21 December 2014

Et tu, academia?

There are sound reasons for being disdainful of quantitative targets in policymaking - something that forms the very basis of Social Policy Bonds. But, perhaps unfortunately, in our highly aggregated, complex, societies, the alternative to targeting broad, explicit and, most important, meaningful goals is to target narrow, opaque goals that are devoid of meaning in that they do nothing to improve social well-being.

I've blogged before about the proliferation and futility of such Mickey Mouse micro- (here and here for instance) and macro-targets (here and here). So it's disappointing, though not surprising, that the academic world is following the trend. See here, for instance, to read about cash for citations. Or here, for how to find "outfits that offer to arrange, for a fee, authorship of papers to be published in peer-reviewed outlets. They seem to cater to researchers looking for a quick and dirty way of getting a publication in a prestigious international scientific journal."

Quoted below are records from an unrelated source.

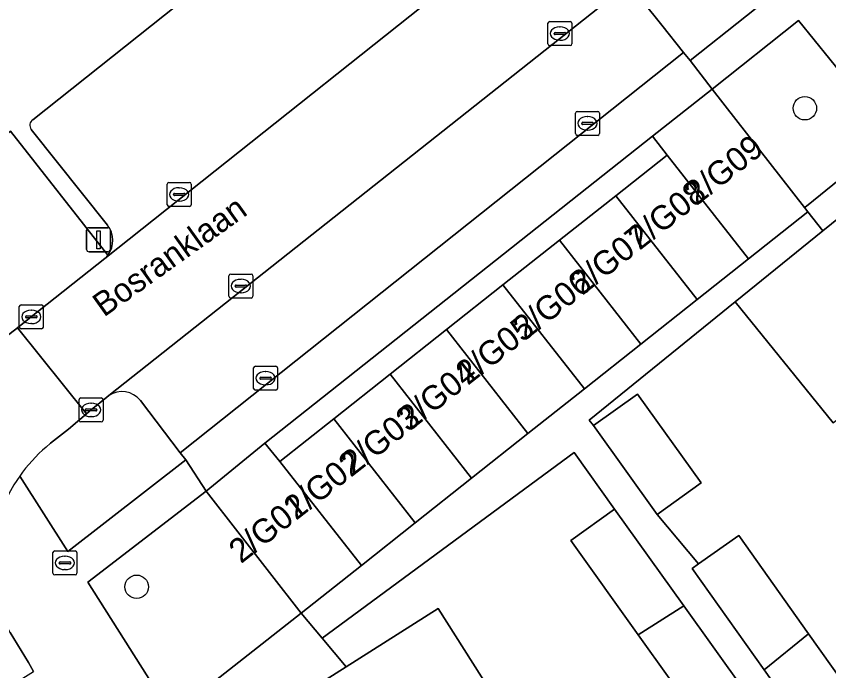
# Model space of a CAD drawing. Extents: x 162344 to 162869, y 381217 to 381818.
# Drawn here: x 162476.05 to 162509.92, y 381652.77 to 381680.06 of the extents above; entities that cross this region are included whole.
import ezdxf

# ---------------------------------------------------------------- set-up
doc = ezdxf.new("R2010")
doc.units = 0
for name, color, linetype in [('IMGEO_Boom', 7, 'Continuous'), ('IMGEO_Brandkraan', 7, 'Continuous'), ('IMGEO_Erf', 7, 'Continuous'), ('IMGEO_Groenvoorziening', 7, 'Continuous'), ('IMGEO_Kolk', 7, 'Continuous'), ('IMGEO_Lichtmast', 7, 'Continuous'), ('IMGEO_Openbare_ruimte_label', 7, 'Continuous'), ('IMGEO_Pand', 7, 'Continuous'), ('IMGEO_Pand_nummerreeks', 7, 'Continuous'), ('IMGEO_Parkeervlak_open', 7, 'Continuous'), ('IMGEO_Rijbaan_lokaal_open', 7, 'Continuous'), ('IMGEO_Voetpad_open', 7, 'Continuous')]:
    doc.layers.add(name, color=color, linetype=linetype)

msp = doc.modelspace()

# ---------------------------------------------------------------- linework, layer by layer
at = {"layer": 'IMGEO_Boom'}
for centre in [(162508.924, 381676.221), (162481.072, 381656.273)]:
    msp.add_circle(centre, 0.489, dxfattribs=at)
at = {"layer": 'IMGEO_Brandkraan'}
for p, q in [((162477.581, 381656.845), (162477.581, 381657.697)), ((162477.656, 381657.771), (162478.508, 381657.771)), ((162478.582, 381657.697), (162478.582, 381656.845)), ((162477.84, 381657.265), (162477.84, 381657.277)), ((162477.883, 381657.314), (162478.281, 381657.314)), ((162478.069, 381657.551), (162478.094, 381657.551)), ((162478.324, 381657.277), (162478.324, 381657.265)), ((162478.278, 381657.228), (162477.88, 381657.228)), ((162478.092, 381656.991), (162478.067, 381656.991)), ((162478.508, 381656.771), (162477.656, 381656.771))]:
    msp.add_line(p, q, dxfattribs=at)
for points in [[(162477.581, 381656.845), (162477.581, 381657.697)], [(162477.656, 381657.771), (162478.508, 381657.771)], [(162478.582, 381657.697), (162478.582, 381656.845)], [(162478.508, 381656.771), (162477.656, 381656.771)]]:
    msp.add_lwpolyline(points, dxfattribs=at)
for centre, radius, start, end in [((162477.658, 381657.695), 0.0765, 91.552, 178.448), ((162477.658, 381657.695), 0.0765, 91.552, 178.448), ((162478.506, 381657.695), 0.0765, 1.552, 88.448), ((162478.506, 381657.695), 0.0765, 1.552, 88.448), ((162477.88, 381657.274), 0.0403, 85.8775, 175.7526), ((162477.877, 381657.264), 0.0366, 178.938, 274.7102), ((162478.281, 381657.271), 0.043, 264.8664, 352.4533), ((162478.285, 381657.276), 0.0386, 1.7309, 96.639), ((162477.658, 381656.847), 0.0765, 181.552, 268.448), ((162477.658, 381656.847), 0.0765, 181.552, 268.448), ((162478.506, 381656.847), 0.0765, 271.552, 358.448), ((162478.506, 381656.847), 0.0765, 271.552, 358.448)]:
    msp.add_arc(centre, radius, start, end, dxfattribs=at)
for centre, major_axis, ratio, start_param, end_param in [((162478.068, 381657.271), (-0.387, 0.002), 0.722429, 4.712389, 7.853982), ((162478.093, 381657.271), (-0.39, 0.002), 0.717154, 1.570796, 4.712389)]:
    msp.add_ellipse(centre, major_axis=major_axis, ratio=ratio, start_param=start_param, end_param=end_param, dxfattribs=at)
at = {"layer": 'IMGEO_Erf'}
msp.add_lwpolyline([(162496.342, 381668.856), (162498.692, 381670.716), (162501.043, 381672.576), (162503.181, 381674.267), (162502.572, 381675.054), (162486.414, 381662.265), (162487.042, 381661.499), (162489.29, 381663.278), (162491.641, 381665.137), (162493.991, 381666.996)], close=True, dxfattribs=at)
for points in [[(162510.099, 381663.114), (162506.026, 381668.154), (162499.933, 381663.224), (162500.114, 381662.996), (162501.945, 381664.309), (162504.599, 381660.606), (162502.768, 381659.294), (162504.496, 381657.227), (162506.17, 381658.416), (162509.083, 381654.315), (162511.58, 381650.8), (162509.855, 381649.575), (162511.736, 381646.935)], [(162510.377, 381642.133), (162507.288, 381646.468), (162509.19, 381647.823), (162506.326, 381651.913), (162504.565, 381650.654), (162501.976, 381654.276), (162499.167, 381658.207), (162500.996, 381659.515), (162499.313, 381661.868), (162488.804, 381654.132), (162489.805, 381652.936), (162493.635, 381655.366), (162496.526, 381650.81), (162500.523, 381644.51), (162504.431, 381638.351), (162507.26, 381633.892), (162509.92, 381629.7), (162513.898, 381623.43)]]:
    msp.add_lwpolyline(points, dxfattribs=at)
at = {"layer": 'IMGEO_Groenvoorziening'}
for points in [[(162502.172, 381680.676), (162502.959, 381679.681), (162503.867, 381678.548), (162504.138, 381678.21), (162508.84, 381681.944)], [(162476.197, 381660.891), (162478.205, 381657.739), (162483.121, 381661.563), (162482.891, 381661.863), (162481.227, 381664.037)], [(162479.911, 381664.241), (162479.827, 381664.177), (162479.173, 381663.648), (162478.985, 381663.489), (162478.231, 381662.85), (162477.479, 381662.26), (162477.304, 381662.098)]]:
    msp.add_lwpolyline(points, dxfattribs=at)
for points in [[(162508.656, 381679.88), (162505.063, 381677.02), (162508.914, 381672.079), (162508.995, 381672.145), (162512.571, 381675.042)], [(162479.74, 381669.953), (162479.875, 381670.101), (162475.807, 381675.259), (162470.329, 381670.872), (162474.439, 381665.794), (162476.099, 381667.062), (162476.682, 381667.526)], [(162483.97, 381660.263), (162479.032, 381656.467), (162482.537, 381650.933), (162487.93, 381655.177)]]:
    msp.add_lwpolyline(points, close=True, dxfattribs=at)
for centre, radius, start, end in [((162480.459, 381663.43), 0.979, 38.3345, 124.0423), ((162481.325, 381657.299), 6.261, 129.9593, 144.9897)]:
    msp.add_arc(centre, radius, start, end, dxfattribs=at)
at = {"layer": 'IMGEO_Kolk'}
for p, q in [((162498.214, 381678.909), (162498.214, 381679.761)), ((162498.289, 381679.835), (162499.141, 381679.835)), ((162498.702, 381679.615), (162498.727, 381679.615)), ((162499.215, 381679.761), (162499.215, 381678.909)), ((162498.473, 381679.329), (162498.473, 381679.341)), ((162498.911, 381679.292), (162498.513, 381679.292)), ((162498.516, 381679.378), (162498.914, 381679.378)), ((162498.957, 381679.341), (162498.957, 381679.329)), ((162498.725, 381679.055), (162498.7, 381679.055)), ((162499.141, 381678.835), (162498.289, 381678.835)), ((162499.363, 381675.165), (162499.363, 381676.017)), ((162499.438, 381676.091), (162500.29, 381676.091)), ((162500.364, 381676.017), (162500.364, 381675.165)), ((162499.622, 381675.585), (162499.622, 381675.597)), ((162500.06, 381675.548), (162499.662, 381675.548)), ((162499.665, 381675.634), (162500.063, 381675.634)), ((162499.851, 381675.871), (162499.876, 381675.871)), ((162500.106, 381675.597), (162500.106, 381675.585)), ((162499.874, 381675.311), (162499.849, 381675.311)), ((162500.29, 381675.091), (162499.438, 381675.091)), ((162482.345, 381672.201), (162482.345, 381673.053)), ((162482.42, 381673.127), (162483.272, 381673.127)), ((162482.833, 381672.907), (162482.858, 381672.907)), ((162483.346, 381673.053), (162483.346, 381672.201)), ((162482.604, 381672.621), (162482.604, 381672.633)), ((162483.042, 381672.584), (162482.644, 381672.584)), ((162482.647, 381672.67), (162483.045, 381672.67)), ((162483.088, 381672.633), (162483.088, 381672.621)), ((162482.856, 381672.347), (162482.831, 381672.347)), ((162483.272, 381672.127), (162482.42, 381672.127)), ((162484.916, 381668.384), (162484.916, 381669.236)), ((162484.991, 381669.31), (162485.843, 381669.31)), ((162485.917, 381669.236), (162485.917, 381668.384)), ((162485.175, 381668.804), (162485.175, 381668.816)), ((162485.613, 381668.767), (162485.215, 381668.767)), ((162485.218, 381668.853), (162485.616, 381668.853)), ((162485.404, 381669.09), (162485.429, 381669.09)), ((162485.659, 381668.816), (162485.659, 381668.804)), ((162485.427, 381668.53), (162485.402, 381668.53)), ((162485.843, 381668.31), (162484.991, 381668.31)), ((162476.181, 381667.1), (162476.181, 381667.952)), ((162476.256, 381668.026), (162477.108, 381668.026)), ((162476.669, 381667.806), (162476.694, 381667.806)), ((162477.182, 381667.952), (162477.182, 381667.1)), ((162476.44, 381667.52), (162476.44, 381667.532)), ((162476.878, 381667.483), (162476.48, 381667.483)), ((162476.483, 381667.569), (162476.881, 381667.569)), ((162476.924, 381667.532), (162476.924, 381667.52)), ((162476.692, 381667.246), (162476.667, 381667.246)), ((162477.108, 381667.026), (162476.256, 381667.026)), ((162485.945, 381664.544), (162485.945, 381665.396)), ((162486.02, 381665.47), (162486.872, 381665.47)), ((162486.946, 381665.396), (162486.946, 381664.544)), ((162486.433, 381665.25), (162486.458, 381665.25)), ((162486.204, 381664.964), (162486.204, 381664.976)), ((162486.642, 381664.927), (162486.244, 381664.927)), ((162486.247, 381665.013), (162486.645, 381665.013)), ((162486.688, 381664.976), (162486.688, 381664.964)), ((162486.872, 381664.47), (162486.02, 381664.47)), ((162486.456, 381664.69), (162486.431, 381664.69)), ((162478.672, 381663.222), (162478.672, 381664.074)), ((162478.747, 381664.148), (162479.599, 381664.148)), ((162479.673, 381664.074), (162479.673, 381663.222)), ((162478.974, 381663.691), (162479.372, 381663.691)), ((162479.16, 381663.928), (162479.185, 381663.928)), ((162478.931, 381663.642), (162478.931, 381663.654)), ((162479.369, 381663.605), (162478.971, 381663.605)), ((162479.183, 381663.368), (162479.158, 381663.368)), ((162479.415, 381663.654), (162479.415, 381663.642)), ((162479.599, 381663.148), (162478.747, 381663.148))]:
    msp.add_line(p, q, dxfattribs=at)
for points in [[(162498.214, 381678.909), (162498.214, 381679.761)], [(162498.289, 381679.835), (162499.141, 381679.835)], [(162499.215, 381679.761), (162499.215, 381678.909)], [(162499.141, 381678.835), (162498.289, 381678.835)], [(162499.363, 381675.165), (162499.363, 381676.017)], [(162499.438, 381676.091), (162500.29, 381676.091)], [(162500.364, 381676.017), (162500.364, 381675.165)], [(162500.29, 381675.091), (162499.438, 381675.091)], [(162482.345, 381672.201), (162482.345, 381673.053)], [(162482.42, 381673.127), (162483.272, 381673.127)], [(162483.346, 381673.053), (162483.346, 381672.201)], [(162483.272, 381672.127), (162482.42, 381672.127)], [(162484.916, 381668.384), (162484.916, 381669.236)], [(162484.991, 381669.31), (162485.843, 381669.31)], [(162485.917, 381669.236), (162485.917, 381668.384)], [(162485.843, 381668.31), (162484.991, 381668.31)], [(162476.181, 381667.1), (162476.181, 381667.952)], [(162476.256, 381668.026), (162477.108, 381668.026)], [(162477.182, 381667.952), (162477.182, 381667.1)], [(162477.108, 381667.026), (162476.256, 381667.026)], [(162485.945, 381664.544), (162485.945, 381665.396)], [(162486.02, 381665.47), (162486.872, 381665.47)], [(162486.946, 381665.396), (162486.946, 381664.544)], [(162486.872, 381664.47), (162486.02, 381664.47)], [(162478.672, 381663.222), (162478.672, 381664.074)], [(162478.747, 381664.148), (162479.599, 381664.148)], [(162479.673, 381664.074), (162479.673, 381663.222)], [(162479.599, 381663.148), (162478.747, 381663.148)]]:
    msp.add_lwpolyline(points, dxfattribs=at)
for centre, radius, start, end in [((162498.291, 381679.759), 0.0765, 91.552, 178.448), ((162498.291, 381679.759), 0.0765, 91.552, 178.448), ((162499.139, 381679.759), 0.0765, 1.552, 88.448), ((162499.139, 381679.759), 0.0765, 1.552, 88.448), ((162498.513, 381679.338), 0.0403, 85.8775, 175.7526), ((162498.51, 381679.328), 0.0366, 178.938, 274.7102), ((162498.914, 381679.335), 0.043, 264.8664, 352.4533), ((162498.918, 381679.34), 0.0386, 1.7309, 96.639), ((162498.291, 381678.911), 0.0765, 181.552, 268.448), ((162498.291, 381678.911), 0.0765, 181.552, 268.448), ((162499.139, 381678.911), 0.0765, 271.552, 358.448), ((162499.139, 381678.911), 0.0765, 271.552, 358.448), ((162499.44, 381676.015), 0.0765, 91.552, 178.448), ((162499.44, 381676.015), 0.0765, 91.552, 178.448), ((162500.288, 381676.015), 0.0765, 1.552, 88.448), ((162500.288, 381676.015), 0.0765, 1.552, 88.448), ((162499.662, 381675.594), 0.0403, 85.8775, 175.7526), ((162499.659, 381675.584), 0.0366, 178.938, 274.7102), ((162500.063, 381675.591), 0.043, 264.8664, 352.4533), ((162500.067, 381675.596), 0.0386, 1.7309, 96.639), ((162499.44, 381675.167), 0.0765, 181.552, 268.448), ((162499.44, 381675.167), 0.0765, 181.552, 268.448), ((162500.288, 381675.167), 0.0765, 271.552, 358.448), ((162500.288, 381675.167), 0.0765, 271.552, 358.448), ((162482.422, 381673.051), 0.0765, 91.552, 178.448), ((162482.422, 381673.051), 0.0765, 91.552, 178.448), ((162483.27, 381673.051), 0.0765, 1.552, 88.448), ((162483.27, 381673.051), 0.0765, 1.552, 88.448), ((162482.644, 381672.63), 0.0403, 85.8775, 175.7526), ((162482.641, 381672.62), 0.0366, 178.938, 274.7102), ((162483.045, 381672.627), 0.043, 264.8664, 352.4533), ((162483.049, 381672.632), 0.0386, 1.7309, 96.639), ((162482.422, 381672.203), 0.0765, 181.552, 268.448), ((162482.422, 381672.203), 0.0765, 181.552, 268.448), ((162483.27, 381672.203), 0.0765, 271.552, 358.448), ((162483.27, 381672.203), 0.0765, 271.552, 358.448), ((162484.993, 381669.234), 0.0765, 91.552, 178.448), ((162484.993, 381669.234), 0.0765, 91.552, 178.448), ((162485.841, 381669.234), 0.0765, 1.552, 88.448), ((162485.841, 381669.234), 0.0765, 1.552, 88.448), ((162485.215, 381668.813), 0.0403, 85.8775, 175.7526), ((162485.212, 381668.803), 0.0366, 178.938, 274.7102), ((162485.616, 381668.81), 0.043, 264.8664, 352.4533), ((162485.62, 381668.815), 0.0386, 1.7309, 96.639), ((162484.993, 381668.386), 0.0765, 181.552, 268.448), ((162484.993, 381668.386), 0.0765, 181.552, 268.448), ((162485.841, 381668.386), 0.0765, 271.552, 358.448), ((162485.841, 381668.386), 0.0765, 271.552, 358.448), ((162476.258, 381667.95), 0.0765, 91.552, 178.448), ((162476.258, 381667.95), 0.0765, 91.552, 178.448), ((162477.106, 381667.95), 0.0765, 1.552, 88.448), ((162477.106, 381667.95), 0.0765, 1.552, 88.448), ((162476.48, 381667.529), 0.0403, 85.8775, 175.7526), ((162476.477, 381667.519), 0.0366, 178.938, 274.7102), ((162476.881, 381667.526), 0.043, 264.8664, 352.4533), ((162476.885, 381667.531), 0.0386, 1.7309, 96.639), ((162476.258, 381667.102), 0.0765, 181.552, 268.448), ((162476.258, 381667.102), 0.0765, 181.552, 268.448), ((162477.106, 381667.102), 0.0765, 271.552, 358.448), ((162477.106, 381667.102), 0.0765, 271.552, 358.448), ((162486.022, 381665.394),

If we are going to combine financial incentives with numerical targets then we need to make absolutely certain that those targets are, or are inextricably linked to, robust indicators of social well-being. The alternative? Well, it is what we have now: indicators defined not by society, but by vested interests within organizations who suspect that broad, meaningful indicators would threaten their way of doing things, their status, or indeed their existence. 

09 December 2014

Thinking strategically and taking responsibility

Garret Hardin, in his essay 'The Tragedy of the Commons', wrote:

[N]atural selection favors the forces of psychological denial. The individual benefits as an individual from his ability to deny the truth even though society as a whole, of which he is a part, suffers. The Tragedy of the Commons, 'Science', 13, December 1968
Governments supposedly serve society's interests by regulating and taxing individual and corporate activities that are essentially self-serving. It's a process that evolved over time and, while flawed, has proven evolutionary advantages over central planning. And, perhaps because central planning as practised by the Soviet Union and others has been totally discredited, our governments seem to have relinquished their role of thinking strategically on behalf of their citizens. They are subject to the same biases and incentives to deny the truth as individuals. Whether it's environmental disaster, or nuclear catastrophe, or less spectacular but just as grievous impacts of man's inhumanity to man, or financial crises or whatever, our governments take the easy route of waiting for things to happen and then reacting. 

It's inefficient at best, and could be calamitous at worst. Society is so interlinked and complex that major disasters of some sort are inevitable - and extremely difficult to foresee. But government should not then deny the real possibility that these events will occur: it could, and should, think strategically and on behalf of society. By issuing Social Policy Bonds it could reduce the likelihood of disasters, say, without trying to involve itself in how and when they are likely to occur.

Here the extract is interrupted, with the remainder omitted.